For coach Matt Hoppe, heart attack alters view of TSSAA boys state basketball

· Yahoo Sports

CLARKSVILLE — Boyd-Buchanan coach Matt Hoppe noticed a change this week.

Visit asg-reflektory.pl for more information.

Not just because the upper-third of his heart isn’t pumping as well as he hopes it will a year from now. Not just because he wears a defibrillator and monitor around his chest everywhere he goes, including during the DII-A TSSAA boys basketball state tournament semifinals. 

He is seeing life from a completely different vantage point these days.

Hoppe, a Brentwood Academy graduate who previously coached at BA and Clarksville Academy, suffered a major heart attack in January and returned for the first time to coach Boyd-Buchanan in a 61-57 semifinal loss to BGA on March 6

“(The state tournament) felt different for me this time,” he said. “I really just tried to enjoy this journey. I know how hard it is to get here. In the past I've been so consumed with doing everything I could to win and not paying attention to how much these guys enjoy it. The past week has been one of the most fun weeks I've ever had coaching basketball.”

Don't get him wrong — Hoppe, who's 49, said the loss stung.

But on Jan. 22, he was on the floor of Boyd-Buchanan’s basketball facility texting his wife for help after an early morning practice. He was suffering a “widow-maker” heart attack, categorized as a 100% blockage in the heart’s largest vessel, the left anterior descending artery. Doctors at the Chattanooga Heart Institute told him he had two additional blockages, one of which was at 80%. 

His wife, Laura, contacted Boyd-Buchanan’s head of school and athletic director. Within three minutes, the school’s head nurse, Melissa Smith, provided medical attention that Hoppe is sure saved his life. 

He received stents for the blockages during a six-day hospital stay and returned home. He has heart therapy three times a week. One was scheduled for the day of Boyd-Buchanan’s semifinal. 

“Skipped today,” Hoppe said, laughing. “But I got plenty out there.” 

He said he worried about death in the hospital. But he never lost consciousness and his heart never stopped. He is able to exercise a little more each day and can stop wearing his heart monitor May 1. His wife is a dietitian and watches what he eats closely. 

Hoppe graduated from Brentwood Academy in 1995. He went 68-12 in three seasons as BA’s coach, reaching the DII-AA state championship game in 2021, and lost in the 2022 semifinals. He led Clarksville Academy to the DII-A state semifinals in 2023. 

BGA coach Trey Meyer said his heart “sunk into (his) desk” when he heard what happened in January.

Hoppe didn’t have to return to coaching at all — ever — and certainly not in 2026. But he was back on the Buccaneers' bench for the region tournament in January in a limited capacity while Boyd-Buchanan assistant Tracey Walker took his place. 

Hoppe informed Walker on the bus ride to the state semifinal that he wanted to take the reins again. He was fairly active on the sideline, especially at one point in the fourth quarter when he argued for a goaltending call against BGA. 

“I felt like I'd kind of be a hypocrite if I didn't at least try to come back and coach these guys after doing something hard and difficult like I did,” Hoppe said. “For two years I've been telling them to ‘do hard things’ . . . I felt if I was well enough and healthy enough to do it, I had to.” 

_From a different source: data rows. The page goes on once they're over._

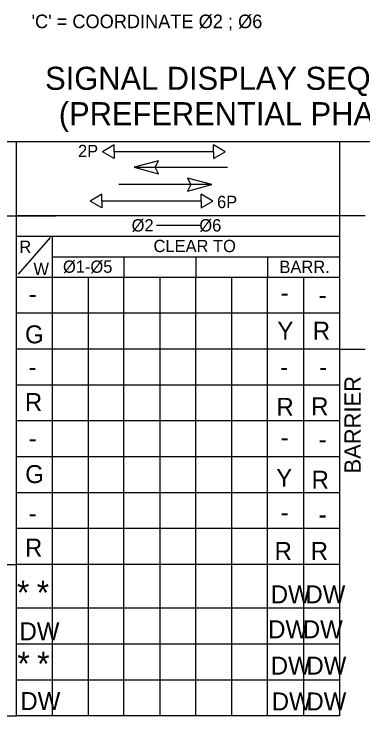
# Model space of a CAD drawing. Extents: x 0 to 3.01, y -0.05 to 1.83.
# Drawn here: x 2.5103 to 2.6475, y 1.2756 to 1.5516 of the extents above; entities that cross this region are included whole.
import ezdxf

# ---------------------------------------------------------------- set-up
doc = ezdxf.new("R2010")
doc.units = 0
for name, color, linetype in [('TR_TS_Border', 7, 'Continuous'), ('TR_TS_Phase1', 7, 'Continuous'), ('TR_TS_Phase2', 7, 'Continuous'), ('TR_TS_Phase3', 7, 'Continuous'), ('TR_TS_Phase4', 7, 'Continuous'), ('TR_TS_Phase5', 7, 'Continuous'), ('TR_TS_Phase6', 7, 'Continuous'), ('TR_TS_Phase7', 7, 'Continuous'), ('TR_TS_Phase8', 7, 'Continuous')]:
    doc.layers.add(name, color=color, linetype=linetype)

msp = doc.modelspace()

# ---------------------------------------------------------------- linework, layer by layer
at = {"layer": 'TR_TS_Border'}
for p, q in [((2.907476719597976, 1.5013454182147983), (2.2983738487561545, 1.5013454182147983)), ((2.5111802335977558, 1.5013455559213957), (2.5111802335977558, 1.27559374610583)), ((2.549707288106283, 1.5001261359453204), (2.545117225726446, 1.4974608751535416)), ((2.549707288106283, 1.4974608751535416), (2.549707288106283, 1.5001261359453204)), ((2.5933045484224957, 1.4974608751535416), (2.5887143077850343, 1.5001261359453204)), ((2.5887143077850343, 1.4974608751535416), (2.5887143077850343, 1.5001261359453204)), ((2.638252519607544, 1.5013455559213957), (2.638252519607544, 1.4198639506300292)), ((2.549707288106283, 1.494795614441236), (2.545117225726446, 1.4974608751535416)), ((2.549707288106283, 1.4974608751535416), (2.549707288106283, 1.494795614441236)), ((2.5887143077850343, 1.4974608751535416), (2.549820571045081, 1.4974608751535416)), ((2.5887143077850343, 1.4974608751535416), (2.5887143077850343, 1.494795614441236)), ((2.5887143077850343, 1.494795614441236), (2.5933045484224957, 1.4974608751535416)), ((2.503587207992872, 1.4722744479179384), (2.5267743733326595, 1.4722744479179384)), ((2.638252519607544, 1.4722744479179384), (2.5111802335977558, 1.4722744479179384)), ((2.6483232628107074, 1.4722744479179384), (2.638252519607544, 1.4722744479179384)), ((2.5662642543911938, 1.468530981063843), (2.583652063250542, 1.468530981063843)), ((2.5111802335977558, 1.4642071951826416), (2.638252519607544, 1.4642071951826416)), ((2.5120237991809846, 1.4492854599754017), (2.524678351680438, 1.4637328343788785)), ((2.5253112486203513, 1.4642071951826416), (2.5253112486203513, 1.27559374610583)), ((2.5253112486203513, 1.4561402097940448), (2.638252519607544, 1.4561402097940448)), ((2.553519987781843, 1.4561402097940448), (2.553519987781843, 1.4480727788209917)), ((2.5817289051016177, 1.4561402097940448), (2.5817289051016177, 1.4480727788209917)), ((2.6099907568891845, 1.4561402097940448), (2.6099907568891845, 1.4480727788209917)), ((2.638252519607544, 1.4480727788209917), (2.5111802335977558, 1.4480727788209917)), ((2.539389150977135, 1.4480727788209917), (2.539389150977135, 1.27559374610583)), ((2.553519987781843, 1.27559374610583), (2.553519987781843, 1.4480727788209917)), ((2.5676510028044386, 1.4480727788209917), (2.5676510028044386, 1.27559374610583)), ((2.5817289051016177, 1.27559374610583), (2.5817289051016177, 1.4480727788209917)), ((2.595859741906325, 1.4480727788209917), (2.595859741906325, 1.27559374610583)), ((2.6099907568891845, 1.27559374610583), (2.6099907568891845, 1.4480727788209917)), ((2.6241215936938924, 1.4480727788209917), (2.6241215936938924, 1.27559374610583)), ((2.638252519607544, 1.433941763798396), (2.5111802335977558, 1.433941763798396)), ((2.638252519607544, 1.4198639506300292), (2.5111802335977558, 1.4198639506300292)), ((2.638252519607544, 1.4198639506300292), (2.638252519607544, 1.27559374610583)), ((2.638252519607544, 1.4198639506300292), (2.6483232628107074, 1.4198639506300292)), ((2.638252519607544, 1.405733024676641), (2.5111802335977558, 1.405733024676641)), ((2.638252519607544, 1.3916020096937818), (2.5111802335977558, 1.3916020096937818)), ((2.638252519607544, 1.3775241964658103), (2.5111802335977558, 1.3775241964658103)), ((2.638252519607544, 1.3633932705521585), (2.5111802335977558, 1.3633932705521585)), ((2.638252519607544, 1.3492622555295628), (2.5111802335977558, 1.3492622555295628)), ((2.506118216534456, 1.3351314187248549), (2.5111802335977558, 1.3351314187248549)), ((2.638252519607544, 1.3351314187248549), (2.5111802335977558, 1.3351314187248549)), ((2.638325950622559, 1.3179863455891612), (2.5112536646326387, 1.3179863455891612)), ((2.638325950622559, 1.3038554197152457), (2.5112536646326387, 1.3038554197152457)), ((2.638325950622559, 1.2897245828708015), (2.5112536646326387, 1.2897245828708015)), ((2.5061917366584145, 1.27559374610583), (2.5112536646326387, 1.27559374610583)), ((2.638325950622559, 1.27559374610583), (2.5112536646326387, 1.27559374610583))]:
    msp.add_line(p, q, dxfattribs=at)
at = {"layer": 'TR_TS_Phase2'}
for p, q in [((2.567145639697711, 1.49394019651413), (2.557521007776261, 1.491348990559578)), ((2.5658129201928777, 1.491348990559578), (2.567145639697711, 1.49394019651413)), ((2.557521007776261, 1.491348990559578), (2.5941680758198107, 1.491348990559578)), ((2.557521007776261, 1.491348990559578), (2.567145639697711, 1.4887576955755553)), ((2.567145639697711, 1.4887576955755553), (2.5658129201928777, 1.491348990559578))]:
    msp.add_line(p, q, dxfattribs=at)
at = {"layer": 'TR_TS_Phase6'}
for p, q in [((2.578469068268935, 1.4871177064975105), (2.579801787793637, 1.4845264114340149)), ((2.588093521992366, 1.4845264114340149), (2.578469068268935, 1.4871177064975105)), ((2.588093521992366, 1.4845264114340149), (2.551446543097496, 1.4845264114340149)), ((2.579801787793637, 1.4845264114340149), (2.578469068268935, 1.4819352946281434)), ((2.578469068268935, 1.4819352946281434), (2.588093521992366, 1.4845264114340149)), ((2.544818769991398, 1.4807221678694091), (2.5402287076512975, 1.4780569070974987)), ((2.544818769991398, 1.4780569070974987), (2.544818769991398, 1.4807221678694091)), ((2.588416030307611, 1.4780569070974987), (2.5838257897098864, 1.4807221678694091)), ((2.5838257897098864, 1.4780569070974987), (2.5838257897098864, 1.4807221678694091)), ((2.544818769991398, 1.475391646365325), (2.5402287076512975, 1.4780569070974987)), ((2.544818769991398, 1.4780569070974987), (2.544818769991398, 1.475391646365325)), ((2.5838257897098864, 1.4780569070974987), (2.544818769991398, 1.4780569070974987)), ((2.5838257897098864, 1.475391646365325), (2.588416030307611, 1.4780569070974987)), ((2.5838257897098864, 1.4780569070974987), (2.5838257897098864, 1.475391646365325))]:
    msp.add_line(p, q, dxfattribs=at)

# ---------------------------------------------------------------- texts
at = {"layer": 'TR_TS_Border'}
for s, height, p in [("'C' = COORDINATE Ø2 ; Ø6", 0.005346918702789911, (2.517182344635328, 1.5460523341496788)), ('SIGNAL DISPLAY SEQUENCE', 0.009062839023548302, (2.5225272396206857, 1.5218125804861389)), ('(PREFERENTIAL PHASING)', 0.009062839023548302, (2.5279138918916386, 1.5078981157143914))]:
    msp.add_text(s, height=height, dxfattribs=at).set_placement(p)
for s, height, rotation, p in [('2P', 0.004840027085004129, 359.99999999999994, (2.5354464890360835, 1.495333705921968)), ('Ø2          Ø6', 0.004840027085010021, 360, (2.5565392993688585, 1.466104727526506)), ('R', 0.004840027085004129, 360, (2.51237816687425, 1.457668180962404)), ('CLEAR TO', 0.004840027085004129, 360, (2.565148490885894, 1.4579846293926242)), ('Ø1-Ø5', 0.004840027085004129, 360, (2.529540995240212, 1.4498646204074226)), ('W', 0.004840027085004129, 360, (2.517924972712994, 1.4489682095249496)), ('BARR.', 0.004840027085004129, 360, (2.6146455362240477, 1.4497767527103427)), ('BARRIER', 0.006449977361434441, 89.99999722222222, (2.6466364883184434, 1.3709455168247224))]:
    msp.add_text(s, height=height, rotation=rotation, dxfattribs=at).set_placement(p)
at = {"layer": 'TR_TS_Phase1'}
for p in [(2.5160214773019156, 1.4380670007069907), (2.615140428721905, 1.4384820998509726), (2.6300702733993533, 1.4376521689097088)]:
    msp.add_text('-', height=0.007050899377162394, dxfattribs=at).set_placement(p)
at = {"layer": 'TR_TS_Phase2'}
for s, p in [('Y', (2.613826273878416, 1.4235648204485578)), ('R', (2.627745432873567, 1.4235648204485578)), ('G', (2.5146096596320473, 1.4221316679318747))]:
    msp.add_text(s, height=0.007050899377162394, rotation=360, dxfattribs=at).set_placement(p)
for s, height, p in [('*', 0.009384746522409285, (2.5114244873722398, 1.3194456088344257)), ('*', 0.009384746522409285, (2.5191950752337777, 1.3193891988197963)), ('DW', 0.007050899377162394, (2.611227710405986, 1.319883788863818)), ('DW', 0.007050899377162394, (2.624857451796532, 1.3199015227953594))]:
    msp.add_text(s, height=height, dxfattribs=at).set_placement(p)
at = {"layer": 'TR_TS_Phase3'}
for p in [(2.5160111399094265, 1.4093552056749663), (2.6149442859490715, 1.4093552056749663), (2.630283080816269, 1.4093552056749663)]:
    msp.add_text('-', height=0.007050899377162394, dxfattribs=at).set_placement(p)
at = {"layer": 'TR_TS_Phase4'}
for p in [(2.514556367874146, 1.3954947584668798), (2.6134718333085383, 1.39363089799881), (2.627106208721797, 1.3938137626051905)]:
    msp.add_text('R', height=0.007050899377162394, rotation=360, dxfattribs=at).set_placement(p)
for p in [(2.5124476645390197, 1.3053682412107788), (2.6101994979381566, 1.3061433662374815), (2.623828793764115, 1.3061433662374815)]:
    msp.add_text('DW', height=0.007050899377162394, dxfattribs=at).set_placement(p)
at = {"layer": 'TR_TS_Phase5'}
for p in [(2.5160214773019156, 1.381242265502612), (2.615140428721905, 1.381657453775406), (2.6300702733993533, 1.380827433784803)]:
    msp.add_text('-', height=0.007050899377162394, dxfattribs=at).set_placement(p)
at = {"layer": 'TR_TS_Phase6'}
for s, height, rotation, p in [('6P', 0.004840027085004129, 359.99999999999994, (2.590116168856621, 1.4753038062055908)), ('G', 0.007050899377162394, 360, (2.514693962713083, 1.36717612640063)), ('Y', 0.007050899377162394, 360, (2.6133781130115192, 1.3657226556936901)), ('R', 0.007050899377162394, 360, (2.627297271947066, 1.3649759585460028))]:
    msp.add_text(s, height=height, rotation=rotation, dxfattribs=at).set_placement(p)
for s, height, p in [('*', 0.009384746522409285, (2.511606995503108, 1.2914965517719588)), ('*', 0.009384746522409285, (2.5193775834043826, 1.2914403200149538)), ('DW', 0.007050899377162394, (2.611227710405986, 1.2918489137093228)), ('DW', 0.007050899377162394, (2.6252469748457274, 1.2918489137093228))]:
    msp.add_text(s, height=height, dxfattribs=at).set_placement(p)
at = {"layer": 'TR_TS_Phase7'}
for p in [(2.5160214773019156, 1.351715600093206), (2.615140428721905, 1.3521307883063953), (2.6300702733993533, 1.3513007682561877)]:
    msp.add_text('-', height=0.007050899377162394, dxfattribs=at).set_placement(p)
at = {"layer": 'TR_TS_Phase8'}
for p in [(2.514594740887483, 1.3382641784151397), (2.612733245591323, 1.336968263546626), (2.6269238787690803, 1.336968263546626)]:
    msp.add_text('R', height=0.007050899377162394, rotation=360, dxfattribs=at).set_placement(p)
for p in [(2.51278068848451, 1.2779356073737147), (2.6116173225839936, 1.277780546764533), (2.6252467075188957, 1.277780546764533)]:
    msp.add_text('DW', height=0.007050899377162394, dxfattribs=at).set_placement(p)

doc.saveas('drawing.dxf')

That resonated with Boyd-Buchanan junior Ian Allen, who scored 14 points in the semis.

“One thing I take from Coach Hoppe is how to handle ‘hard’ better,” Allen said. “We’ve been through a lot this year. Handling ‘hard’ a lot better was way more important for us after he went down. We wanted to keep playing for him.”

Tyler Palmateer covers high school sports for The Tennessean. Have a story idea for Tyler? Reach him at [email protected] and on the X platform, @tpalmateer83.